▸ **TASK TO CARRY OUT**
Copied exactly and without pictures, the lines from the beginning of the entries through the one that holds "doc.styles.add('style3', font='arialbd.ttf')" should form the entire reply.

▸ **MATERIAL PROVIDED**
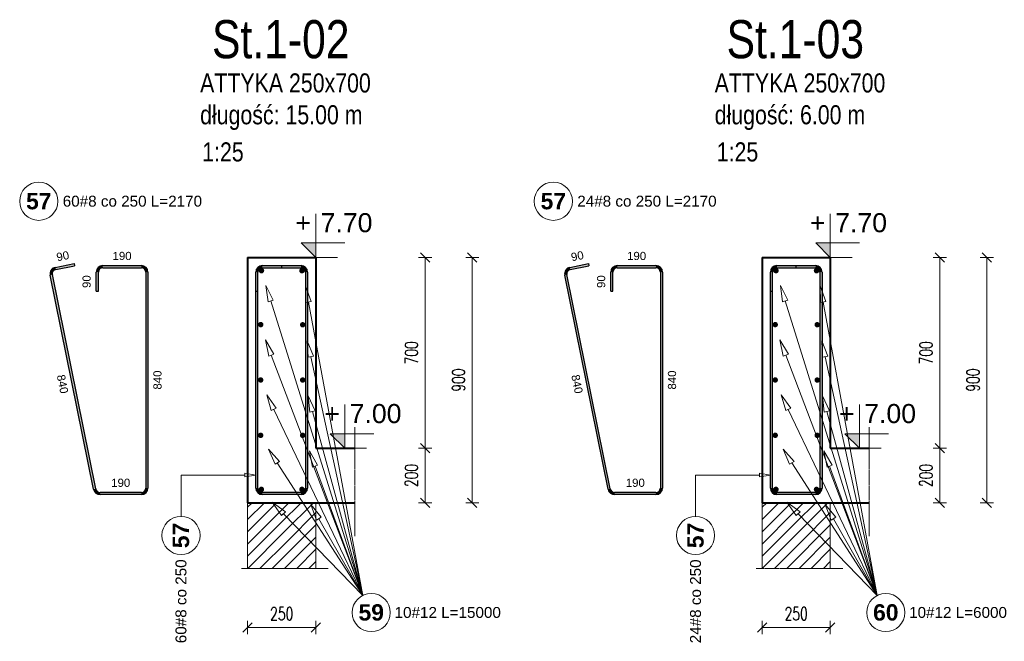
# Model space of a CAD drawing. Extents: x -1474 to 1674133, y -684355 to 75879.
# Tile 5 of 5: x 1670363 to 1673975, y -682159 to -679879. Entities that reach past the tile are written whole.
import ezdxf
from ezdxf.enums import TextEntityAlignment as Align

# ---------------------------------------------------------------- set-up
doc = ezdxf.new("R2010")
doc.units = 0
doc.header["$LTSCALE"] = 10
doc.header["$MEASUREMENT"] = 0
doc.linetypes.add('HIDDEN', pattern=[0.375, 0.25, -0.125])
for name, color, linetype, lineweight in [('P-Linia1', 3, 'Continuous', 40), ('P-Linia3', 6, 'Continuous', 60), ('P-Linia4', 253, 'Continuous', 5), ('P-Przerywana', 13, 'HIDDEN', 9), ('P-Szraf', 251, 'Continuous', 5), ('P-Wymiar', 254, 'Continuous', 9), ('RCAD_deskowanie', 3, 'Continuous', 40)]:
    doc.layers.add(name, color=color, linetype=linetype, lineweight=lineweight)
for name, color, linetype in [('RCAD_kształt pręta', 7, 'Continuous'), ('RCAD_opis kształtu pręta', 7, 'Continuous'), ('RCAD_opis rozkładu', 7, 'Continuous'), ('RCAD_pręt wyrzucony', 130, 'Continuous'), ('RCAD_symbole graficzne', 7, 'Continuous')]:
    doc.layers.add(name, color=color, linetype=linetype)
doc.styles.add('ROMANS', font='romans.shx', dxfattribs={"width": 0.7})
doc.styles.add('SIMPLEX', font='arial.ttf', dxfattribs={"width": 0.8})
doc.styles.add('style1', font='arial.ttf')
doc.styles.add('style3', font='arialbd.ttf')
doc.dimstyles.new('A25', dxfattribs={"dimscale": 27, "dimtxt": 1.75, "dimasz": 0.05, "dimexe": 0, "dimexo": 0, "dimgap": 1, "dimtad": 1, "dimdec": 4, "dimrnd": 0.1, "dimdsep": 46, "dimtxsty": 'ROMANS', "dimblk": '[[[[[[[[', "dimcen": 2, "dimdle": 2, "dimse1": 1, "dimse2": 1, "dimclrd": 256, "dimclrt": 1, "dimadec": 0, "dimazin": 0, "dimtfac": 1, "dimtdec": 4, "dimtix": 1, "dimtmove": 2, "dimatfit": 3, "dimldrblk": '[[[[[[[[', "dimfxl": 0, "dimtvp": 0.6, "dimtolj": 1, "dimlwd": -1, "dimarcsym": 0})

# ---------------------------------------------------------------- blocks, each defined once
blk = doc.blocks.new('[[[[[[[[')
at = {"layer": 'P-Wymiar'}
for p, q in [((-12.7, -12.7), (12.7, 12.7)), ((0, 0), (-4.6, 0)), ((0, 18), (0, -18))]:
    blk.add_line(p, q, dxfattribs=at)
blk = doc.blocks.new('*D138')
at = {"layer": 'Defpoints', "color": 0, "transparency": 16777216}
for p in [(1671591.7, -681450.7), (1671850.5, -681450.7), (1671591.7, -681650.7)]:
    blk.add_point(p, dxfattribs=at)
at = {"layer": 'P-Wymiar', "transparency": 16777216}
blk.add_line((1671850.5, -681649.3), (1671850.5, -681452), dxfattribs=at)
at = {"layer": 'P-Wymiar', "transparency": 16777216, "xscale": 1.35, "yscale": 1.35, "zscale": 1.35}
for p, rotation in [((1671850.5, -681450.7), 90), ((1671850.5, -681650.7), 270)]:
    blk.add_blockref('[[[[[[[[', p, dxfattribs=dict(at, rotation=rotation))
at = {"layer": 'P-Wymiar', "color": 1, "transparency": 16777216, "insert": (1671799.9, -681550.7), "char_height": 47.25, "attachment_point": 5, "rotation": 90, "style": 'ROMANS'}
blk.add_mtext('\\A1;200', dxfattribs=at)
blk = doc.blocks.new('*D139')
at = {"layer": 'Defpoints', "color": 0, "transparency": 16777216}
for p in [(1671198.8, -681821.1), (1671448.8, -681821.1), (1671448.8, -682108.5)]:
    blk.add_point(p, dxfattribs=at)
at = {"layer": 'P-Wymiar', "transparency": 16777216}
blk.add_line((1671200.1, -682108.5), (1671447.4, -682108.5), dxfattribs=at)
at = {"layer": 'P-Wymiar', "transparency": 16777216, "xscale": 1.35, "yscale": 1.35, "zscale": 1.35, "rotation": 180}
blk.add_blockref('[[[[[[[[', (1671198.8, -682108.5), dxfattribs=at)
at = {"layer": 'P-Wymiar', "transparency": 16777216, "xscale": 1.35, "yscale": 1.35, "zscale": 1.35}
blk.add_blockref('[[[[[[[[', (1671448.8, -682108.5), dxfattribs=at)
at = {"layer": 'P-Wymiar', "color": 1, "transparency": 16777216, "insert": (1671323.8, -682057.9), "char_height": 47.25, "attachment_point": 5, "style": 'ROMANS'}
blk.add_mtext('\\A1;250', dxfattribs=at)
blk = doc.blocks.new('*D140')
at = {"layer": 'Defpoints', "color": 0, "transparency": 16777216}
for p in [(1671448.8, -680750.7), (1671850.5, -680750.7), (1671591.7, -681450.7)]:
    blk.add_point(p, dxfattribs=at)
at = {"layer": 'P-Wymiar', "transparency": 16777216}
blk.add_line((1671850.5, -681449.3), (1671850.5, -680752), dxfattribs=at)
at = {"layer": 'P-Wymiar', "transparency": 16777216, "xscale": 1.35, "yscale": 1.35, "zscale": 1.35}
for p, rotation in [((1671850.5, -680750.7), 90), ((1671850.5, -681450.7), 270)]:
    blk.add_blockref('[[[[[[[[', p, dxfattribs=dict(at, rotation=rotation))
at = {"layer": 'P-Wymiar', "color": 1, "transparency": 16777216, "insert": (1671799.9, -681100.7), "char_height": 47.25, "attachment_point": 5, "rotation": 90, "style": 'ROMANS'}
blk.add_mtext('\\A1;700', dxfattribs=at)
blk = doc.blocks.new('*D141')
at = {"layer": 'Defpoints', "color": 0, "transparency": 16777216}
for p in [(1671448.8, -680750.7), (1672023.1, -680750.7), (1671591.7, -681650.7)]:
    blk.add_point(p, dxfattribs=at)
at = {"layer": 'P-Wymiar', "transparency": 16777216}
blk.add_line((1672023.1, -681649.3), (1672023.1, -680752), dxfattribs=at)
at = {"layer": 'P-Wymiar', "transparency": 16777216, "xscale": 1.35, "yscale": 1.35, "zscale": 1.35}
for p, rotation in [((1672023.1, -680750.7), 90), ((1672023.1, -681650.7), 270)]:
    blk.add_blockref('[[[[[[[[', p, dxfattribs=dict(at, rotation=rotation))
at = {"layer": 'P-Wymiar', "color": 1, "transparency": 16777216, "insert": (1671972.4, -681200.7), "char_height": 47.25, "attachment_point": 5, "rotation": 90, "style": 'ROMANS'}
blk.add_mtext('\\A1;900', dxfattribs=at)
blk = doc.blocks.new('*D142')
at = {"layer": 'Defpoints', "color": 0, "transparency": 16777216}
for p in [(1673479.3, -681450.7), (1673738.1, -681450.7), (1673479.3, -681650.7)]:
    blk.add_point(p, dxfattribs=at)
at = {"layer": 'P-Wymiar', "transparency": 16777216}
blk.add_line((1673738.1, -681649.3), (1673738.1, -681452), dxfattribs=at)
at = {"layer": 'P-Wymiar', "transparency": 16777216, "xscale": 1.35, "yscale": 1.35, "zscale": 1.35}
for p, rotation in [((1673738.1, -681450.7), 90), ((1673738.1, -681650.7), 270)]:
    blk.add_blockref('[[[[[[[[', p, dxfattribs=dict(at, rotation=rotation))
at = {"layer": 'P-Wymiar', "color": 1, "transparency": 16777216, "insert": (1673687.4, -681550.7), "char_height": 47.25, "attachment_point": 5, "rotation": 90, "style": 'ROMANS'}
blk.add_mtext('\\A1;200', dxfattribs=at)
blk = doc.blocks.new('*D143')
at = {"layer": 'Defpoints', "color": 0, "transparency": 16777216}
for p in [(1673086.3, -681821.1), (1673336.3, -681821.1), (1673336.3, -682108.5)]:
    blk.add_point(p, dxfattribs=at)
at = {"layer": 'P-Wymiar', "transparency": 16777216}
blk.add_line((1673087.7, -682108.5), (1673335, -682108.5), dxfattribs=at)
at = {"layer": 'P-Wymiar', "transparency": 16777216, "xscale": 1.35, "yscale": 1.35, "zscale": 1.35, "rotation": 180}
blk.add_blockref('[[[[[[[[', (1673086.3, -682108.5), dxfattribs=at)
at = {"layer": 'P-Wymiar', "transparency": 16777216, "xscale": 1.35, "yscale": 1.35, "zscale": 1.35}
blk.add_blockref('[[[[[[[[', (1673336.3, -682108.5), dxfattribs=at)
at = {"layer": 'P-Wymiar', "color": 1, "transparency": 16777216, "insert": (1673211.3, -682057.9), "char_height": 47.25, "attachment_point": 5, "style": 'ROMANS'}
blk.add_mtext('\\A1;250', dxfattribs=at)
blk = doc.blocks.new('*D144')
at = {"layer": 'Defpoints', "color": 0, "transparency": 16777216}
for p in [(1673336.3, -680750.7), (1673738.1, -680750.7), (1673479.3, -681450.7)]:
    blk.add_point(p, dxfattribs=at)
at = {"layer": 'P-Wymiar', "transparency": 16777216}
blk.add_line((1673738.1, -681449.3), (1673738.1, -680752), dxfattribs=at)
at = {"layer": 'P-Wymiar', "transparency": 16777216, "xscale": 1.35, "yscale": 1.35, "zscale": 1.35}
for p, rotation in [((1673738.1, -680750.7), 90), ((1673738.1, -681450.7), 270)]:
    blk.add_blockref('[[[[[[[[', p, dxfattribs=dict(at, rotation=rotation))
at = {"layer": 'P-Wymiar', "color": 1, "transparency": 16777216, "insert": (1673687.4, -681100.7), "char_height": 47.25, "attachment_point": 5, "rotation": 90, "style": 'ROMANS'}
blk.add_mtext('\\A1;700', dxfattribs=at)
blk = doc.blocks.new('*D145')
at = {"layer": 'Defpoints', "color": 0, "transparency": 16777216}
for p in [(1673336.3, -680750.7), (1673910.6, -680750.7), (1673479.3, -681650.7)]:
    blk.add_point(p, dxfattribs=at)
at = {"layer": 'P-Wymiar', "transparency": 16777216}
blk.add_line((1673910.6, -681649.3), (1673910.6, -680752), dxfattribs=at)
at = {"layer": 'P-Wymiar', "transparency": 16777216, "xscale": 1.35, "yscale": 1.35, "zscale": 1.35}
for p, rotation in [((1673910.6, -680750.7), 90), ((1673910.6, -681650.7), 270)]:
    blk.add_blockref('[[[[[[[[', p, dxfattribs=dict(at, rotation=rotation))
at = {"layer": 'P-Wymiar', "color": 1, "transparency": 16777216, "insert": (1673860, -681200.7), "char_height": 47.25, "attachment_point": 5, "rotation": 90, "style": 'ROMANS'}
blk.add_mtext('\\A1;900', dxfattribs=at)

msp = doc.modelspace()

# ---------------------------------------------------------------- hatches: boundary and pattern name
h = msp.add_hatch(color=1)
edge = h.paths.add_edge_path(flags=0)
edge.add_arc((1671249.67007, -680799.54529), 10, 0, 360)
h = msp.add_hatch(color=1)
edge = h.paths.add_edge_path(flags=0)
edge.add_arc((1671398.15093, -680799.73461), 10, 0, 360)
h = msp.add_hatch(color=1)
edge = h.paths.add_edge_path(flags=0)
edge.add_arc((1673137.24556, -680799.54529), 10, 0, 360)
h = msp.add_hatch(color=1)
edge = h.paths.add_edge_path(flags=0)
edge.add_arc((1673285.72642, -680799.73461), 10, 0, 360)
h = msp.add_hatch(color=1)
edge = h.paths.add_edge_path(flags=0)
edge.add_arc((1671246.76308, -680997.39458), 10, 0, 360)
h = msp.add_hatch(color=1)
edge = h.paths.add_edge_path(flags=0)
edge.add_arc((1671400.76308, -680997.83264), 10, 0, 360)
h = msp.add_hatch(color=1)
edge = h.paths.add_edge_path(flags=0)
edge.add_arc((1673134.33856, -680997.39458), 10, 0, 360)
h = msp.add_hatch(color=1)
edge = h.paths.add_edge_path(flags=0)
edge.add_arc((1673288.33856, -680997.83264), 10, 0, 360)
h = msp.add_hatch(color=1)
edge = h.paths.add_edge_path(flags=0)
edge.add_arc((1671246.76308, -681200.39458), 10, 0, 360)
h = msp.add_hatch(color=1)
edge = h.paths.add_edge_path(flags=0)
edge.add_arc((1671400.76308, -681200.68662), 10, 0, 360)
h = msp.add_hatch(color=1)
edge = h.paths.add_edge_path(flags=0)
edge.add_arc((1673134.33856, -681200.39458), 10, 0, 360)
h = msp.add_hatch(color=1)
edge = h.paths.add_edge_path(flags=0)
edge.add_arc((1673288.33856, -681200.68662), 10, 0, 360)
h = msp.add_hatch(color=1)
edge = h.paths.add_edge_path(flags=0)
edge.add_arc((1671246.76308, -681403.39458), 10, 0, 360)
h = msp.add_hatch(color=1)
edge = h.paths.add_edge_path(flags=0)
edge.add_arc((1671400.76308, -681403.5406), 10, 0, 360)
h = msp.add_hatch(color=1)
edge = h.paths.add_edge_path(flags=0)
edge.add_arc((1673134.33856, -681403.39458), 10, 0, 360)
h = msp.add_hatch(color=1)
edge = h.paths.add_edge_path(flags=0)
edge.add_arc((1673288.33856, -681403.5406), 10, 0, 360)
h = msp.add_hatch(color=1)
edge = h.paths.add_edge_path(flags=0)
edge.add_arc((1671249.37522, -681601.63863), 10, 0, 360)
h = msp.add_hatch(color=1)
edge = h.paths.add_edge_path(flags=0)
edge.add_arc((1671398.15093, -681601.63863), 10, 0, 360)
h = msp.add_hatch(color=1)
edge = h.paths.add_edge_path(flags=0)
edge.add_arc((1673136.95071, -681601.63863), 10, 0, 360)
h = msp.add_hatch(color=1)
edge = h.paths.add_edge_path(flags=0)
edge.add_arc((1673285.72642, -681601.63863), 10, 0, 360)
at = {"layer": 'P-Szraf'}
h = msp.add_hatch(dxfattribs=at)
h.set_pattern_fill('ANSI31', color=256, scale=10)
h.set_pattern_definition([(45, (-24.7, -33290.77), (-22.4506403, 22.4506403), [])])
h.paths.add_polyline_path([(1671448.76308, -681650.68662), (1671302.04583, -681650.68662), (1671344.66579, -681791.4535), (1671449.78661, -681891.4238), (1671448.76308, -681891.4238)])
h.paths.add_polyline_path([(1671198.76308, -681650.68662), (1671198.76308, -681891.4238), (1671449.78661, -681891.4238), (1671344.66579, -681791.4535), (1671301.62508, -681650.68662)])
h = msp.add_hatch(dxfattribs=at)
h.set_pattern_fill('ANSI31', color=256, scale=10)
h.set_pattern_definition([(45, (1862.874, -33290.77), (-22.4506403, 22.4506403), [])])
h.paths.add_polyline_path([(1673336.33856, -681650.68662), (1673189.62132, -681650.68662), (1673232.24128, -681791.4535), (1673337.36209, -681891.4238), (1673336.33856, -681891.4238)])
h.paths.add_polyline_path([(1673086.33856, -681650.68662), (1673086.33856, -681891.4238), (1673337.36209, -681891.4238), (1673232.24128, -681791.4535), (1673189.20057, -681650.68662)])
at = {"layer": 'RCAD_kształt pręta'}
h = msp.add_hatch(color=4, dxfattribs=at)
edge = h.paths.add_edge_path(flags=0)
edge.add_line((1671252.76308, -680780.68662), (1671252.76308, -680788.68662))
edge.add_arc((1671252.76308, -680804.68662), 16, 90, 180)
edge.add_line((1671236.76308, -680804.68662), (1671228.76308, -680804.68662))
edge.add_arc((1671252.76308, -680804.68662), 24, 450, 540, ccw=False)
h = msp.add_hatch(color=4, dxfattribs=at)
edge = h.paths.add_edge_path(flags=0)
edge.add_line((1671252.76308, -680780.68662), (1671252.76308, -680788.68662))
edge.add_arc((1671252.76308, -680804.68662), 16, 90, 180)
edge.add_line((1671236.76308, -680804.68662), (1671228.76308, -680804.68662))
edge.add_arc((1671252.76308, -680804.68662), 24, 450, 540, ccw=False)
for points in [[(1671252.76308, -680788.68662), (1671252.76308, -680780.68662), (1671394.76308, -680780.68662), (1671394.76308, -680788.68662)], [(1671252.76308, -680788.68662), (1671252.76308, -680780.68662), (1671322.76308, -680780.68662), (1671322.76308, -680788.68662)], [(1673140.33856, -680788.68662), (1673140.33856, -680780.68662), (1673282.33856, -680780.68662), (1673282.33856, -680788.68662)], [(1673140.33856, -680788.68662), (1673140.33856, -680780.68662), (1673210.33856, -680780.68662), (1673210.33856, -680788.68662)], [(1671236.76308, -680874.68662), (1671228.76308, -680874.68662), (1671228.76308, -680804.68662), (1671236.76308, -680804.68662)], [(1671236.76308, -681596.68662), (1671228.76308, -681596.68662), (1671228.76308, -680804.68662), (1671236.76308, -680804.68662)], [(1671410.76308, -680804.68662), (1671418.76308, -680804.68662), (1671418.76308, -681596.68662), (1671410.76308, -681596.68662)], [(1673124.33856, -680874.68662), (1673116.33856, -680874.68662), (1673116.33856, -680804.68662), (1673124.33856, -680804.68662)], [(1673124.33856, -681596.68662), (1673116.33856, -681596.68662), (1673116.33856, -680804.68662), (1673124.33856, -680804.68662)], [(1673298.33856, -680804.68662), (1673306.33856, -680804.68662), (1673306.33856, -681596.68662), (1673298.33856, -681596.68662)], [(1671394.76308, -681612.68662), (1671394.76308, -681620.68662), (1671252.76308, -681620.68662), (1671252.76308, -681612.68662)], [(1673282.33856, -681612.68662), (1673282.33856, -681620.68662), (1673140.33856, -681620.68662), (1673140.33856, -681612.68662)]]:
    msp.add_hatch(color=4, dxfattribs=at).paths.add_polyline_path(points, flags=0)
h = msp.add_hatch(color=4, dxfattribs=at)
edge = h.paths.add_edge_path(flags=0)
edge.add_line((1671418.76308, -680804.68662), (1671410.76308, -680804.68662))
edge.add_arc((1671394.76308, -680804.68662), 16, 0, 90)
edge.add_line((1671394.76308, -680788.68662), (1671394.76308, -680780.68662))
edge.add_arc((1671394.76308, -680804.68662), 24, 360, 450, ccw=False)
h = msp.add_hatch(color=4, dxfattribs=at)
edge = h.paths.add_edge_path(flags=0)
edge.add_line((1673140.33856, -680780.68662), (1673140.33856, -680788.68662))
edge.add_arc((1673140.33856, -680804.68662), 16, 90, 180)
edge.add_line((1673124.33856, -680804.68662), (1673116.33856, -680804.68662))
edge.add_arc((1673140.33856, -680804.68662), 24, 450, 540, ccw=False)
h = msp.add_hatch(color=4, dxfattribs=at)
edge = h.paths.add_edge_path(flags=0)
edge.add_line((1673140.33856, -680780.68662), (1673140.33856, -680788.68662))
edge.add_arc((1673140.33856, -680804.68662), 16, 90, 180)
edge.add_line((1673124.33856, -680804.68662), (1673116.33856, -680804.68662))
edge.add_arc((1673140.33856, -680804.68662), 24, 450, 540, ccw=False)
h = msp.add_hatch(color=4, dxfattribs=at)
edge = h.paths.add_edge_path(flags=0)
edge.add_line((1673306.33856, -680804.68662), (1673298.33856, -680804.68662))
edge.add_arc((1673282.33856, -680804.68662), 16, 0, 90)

▸ **SOLUTION BELOW**
# Model space of a CAD drawing. Extents: x -1474 to 1674133, y -684355 to 75879.
# Tile 5 of 5: x 1670363 to 1673975, y -682159 to -679879. Entities that reach past the tile are written whole.
import ezdxf
from ezdxf.enums import TextEntityAlignment as Align

# ---------------------------------------------------------------- set-up
doc = ezdxf.new("R2010")
doc.units = 0
doc.header["$LTSCALE"] = 10
doc.header["$MEASUREMENT"] = 0
doc.linetypes.add('HIDDEN', pattern=[0.375, 0.25, -0.125])
for name, color, linetype, lineweight in [('P-Linia1', 3, 'Continuous', 40), ('P-Linia3', 6, 'Continuous', 60), ('P-Linia4', 253, 'Continuous', 5), ('P-Przerywana', 13, 'HIDDEN', 9), ('P-Szraf', 251, 'Continuous', 5), ('P-Wymiar', 254, 'Continuous', 9), ('RCAD_deskowanie', 3, 'Continuous', 40)]:
    doc.layers.add(name, color=color, linetype=linetype, lineweight=lineweight)
for name, color, linetype in [('RCAD_kształt pręta', 7, 'Continuous'), ('RCAD_opis kształtu pręta', 7, 'Continuous'), ('RCAD_opis rozkładu', 7, 'Continuous'), ('RCAD_pręt wyrzucony', 130, 'Continuous'), ('RCAD_symbole graficzne', 7, 'Continuous')]:
    doc.layers.add(name, color=color, linetype=linetype)
doc.styles.add('ROMANS', font='romans.shx', dxfattribs={"width": 0.7})
doc.styles.add('SIMPLEX', font='arial.ttf', dxfattribs={"width": 0.8})
doc.styles.add('style1', font='arial.ttf')
doc.styles.add('style3', font='arialbd.ttf')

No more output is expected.